Porridge, 2 boiled eggs (take cod liver oil tab with breakfast)

After gym Boditronics Recover ex

150g sweet potato 200g steak

Couple packs of bacon frazzles

Reflex miscellar casein

200g salmon

200g sweet potato

broccoli, 3 tbls hollandaise sauce

Reflex miscellar casein as I type (before bed)

During the day take in between 3 & 4 litres water.


----------



## Max1466868006 (Feb 16, 2010)

Why did you do dips and triceps with back, especially the day before chest.

Also, why do pulldowns behind the neck and to the front? Behind neck ones are a waste of time in my opinion, you can use more weight under greater control and in a natural plane of motion if you do them to the front.

I could never write my workouts down like that, I don't have set weights and reps and alter things subject to the way I feel. If I feel strong and am in the right frame of mind I will manage more than if I've had a tough day or are really sore from training the day or 2 before.

Do you have a training partner Munro?


----------



## Munro83 (Sep 18, 2012)

Recently I've read a lot of mags that seem to be doing back & tri's, chest & bi's. This was my first time doing this. It's not consecutive days, I trained Monday, & today. I did the pull downs behind the neck to remove my chest as its slightly involved in the wide grip to the front, whilst dying this movement I faced away from the machine. My front lat pull down was close grip not wide, so perhaps slightly different to what it came across as.

No I don't have a training partner, if I did I know I would go heavier on certain things like db presses, dead lifts etc. Everyday is a school day and I've put this up here for comments and advice. Cheers


----------



## EXTREME (Aug 5, 2005)

If you still have more in the tank when you get to the end of the set, do some more, muscles don't know numbers so stop when they tell you to stop not the numbers on your sheet.

A training partner would help you a lot.


----------



## Munro83 (Sep 18, 2012)

My mates are all footballers, I got into this on my own. I used to play football but too many cruciate ligament injuries.

When you say at the end of a set do more if there's more in the tank, I do but just happens on these two occasions I haven't. I don't go to failure all the time tho. I'd love a partner but its like most things, guys stick to themselves or they have there little groups already.


----------



## EXTREME (Aug 5, 2005)

Why not just ask someone if you can work in with them? Or even just ask someone if they'll spot you on your heavy/failure sets, you'll find you can reach a degree of intensity you cannot reach alone.


----------



## Munro83 (Sep 18, 2012)

Today was rest day as this weeks training is Monday, Wednesday & Friday.

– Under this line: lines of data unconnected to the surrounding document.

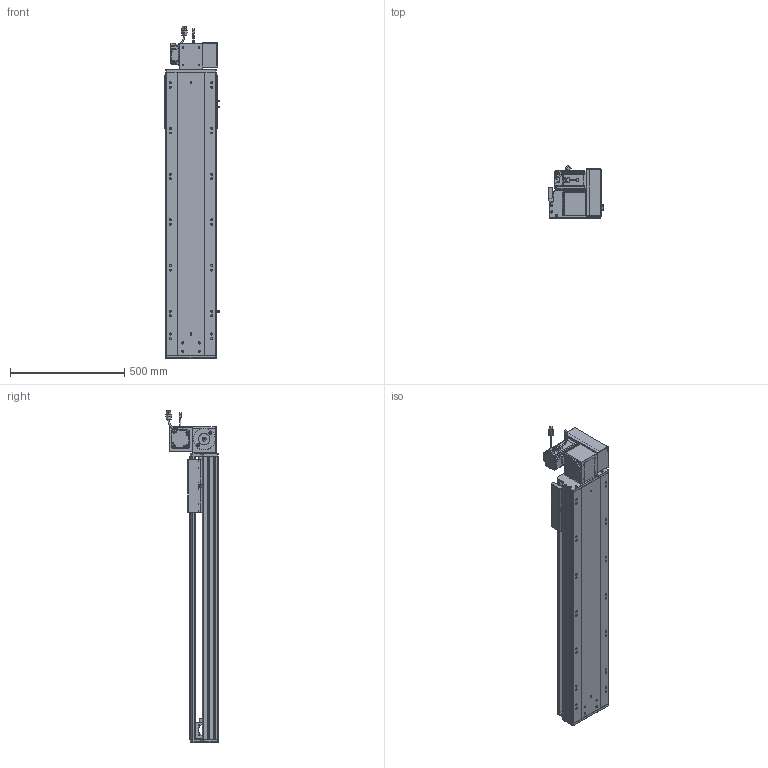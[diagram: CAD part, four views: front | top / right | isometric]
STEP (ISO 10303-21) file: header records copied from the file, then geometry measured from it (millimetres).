
FILE_DESCRIPTION (( 'STEP AP203' ), '1' );
FILE_NAME ('RY220-T-300-UR.SLDASM_900.step', '2022-07-25T08:43:12', ( '' ), ( '' ), 'SwSTEP 2.0', 'SolidWorks 2016', '' );
FILE_SCHEMA (( 'CONFIG_CONTROL_DESIGN' ));
Length unit declared in the file: millimetre
Products named in the file (14): RY220圉猾敕々湍臏賑輸; RY220-俋离672覜茼んえ; RY220-T-300-UR.SLDASM_900; 覜茼ん672; 滅袉蝶18-15; RY220翋肮祭謫裔啣; RY220-T菁釱-300_900; RY220-T-湍謫欶(鍼踢); RY220-同步轮副支撑座6304×2; 怢湛750W_ECMA-CX0807ES; 110A-T-肮祭謫釱傷裔; RY220-T-300-奻裔啣_900; RY220-T-蛌殏萇儂假蚾啣(750W); RY220翋肮祭謫釱
Assembly tree (18 placements, depth 2):
  RY220-T-300-UR.SLDASM_900
    RY220-T菁釱-300_900
    RY220翋肮祭謫釱
    覜茼ん672  x3
    RY220圉猾敕々湍臏賑輸
    RY220-T-300-奻裔啣_900
    RY220-俋离672覜茼んえ
    滅袉蝶18-15  x3
    RY220翋肮祭謫裔啣  x2
    110A-T-肮祭謫釱傷裔
    怢湛750W_ECMA-CX0807ES
    RY220-T-湍謫欶(鍼踢)
    RY220-T-蛌殏萇儂假蚾啣(750W)
    RY220-同步轮副支撑座6304×2
Bounding box: 238.7 x 231.74 x 1453.27 mm (x, y, z)
Volume: 11611601.6 mm3; surface area: 3369649.4 mm2
Topology: 19 solids, 19 shells, 2608 faces, 7195 edges, 4570 vertices
Faces by surface type: cylinder 1216, plane 1069, cone 241, bspline 56, sphere 16, torus 10
Entity records: 86771 total; most frequent: CARTESIAN_POINT 24785, ORIENTED_EDGE 12890, DIRECTION 12156, EDGE_CURVE 6445, AXIS2_PLACEMENT_3D 4290, VERTEX_POINT 4194, LINE 3576, VECTOR 3576

My meals today went a little like this.

1) 200g steak 2 x fired eggs (all cooked in extra virgin oil)

2) micellar casein shake, 2 slices of brown toast

3) large baked tattie, tin tuna, 2 x boiled eggs, approx 50g of cheese

3) 2 x rice cakes and soft cheese

4) 200g chicken breast 200g rice, cup of mushrooms

5) micellar casein shake - will be taken before bed.

Approx consumed 3 ltr of water.


----------



## Munro83 (Sep 18, 2012)

Extreme said:


> Why not just ask someone if you can work in with them? Or even just ask someone if they'll spot you on your heavy/failure sets, you'll find you can reach a degree of intensity you cannot reach alone.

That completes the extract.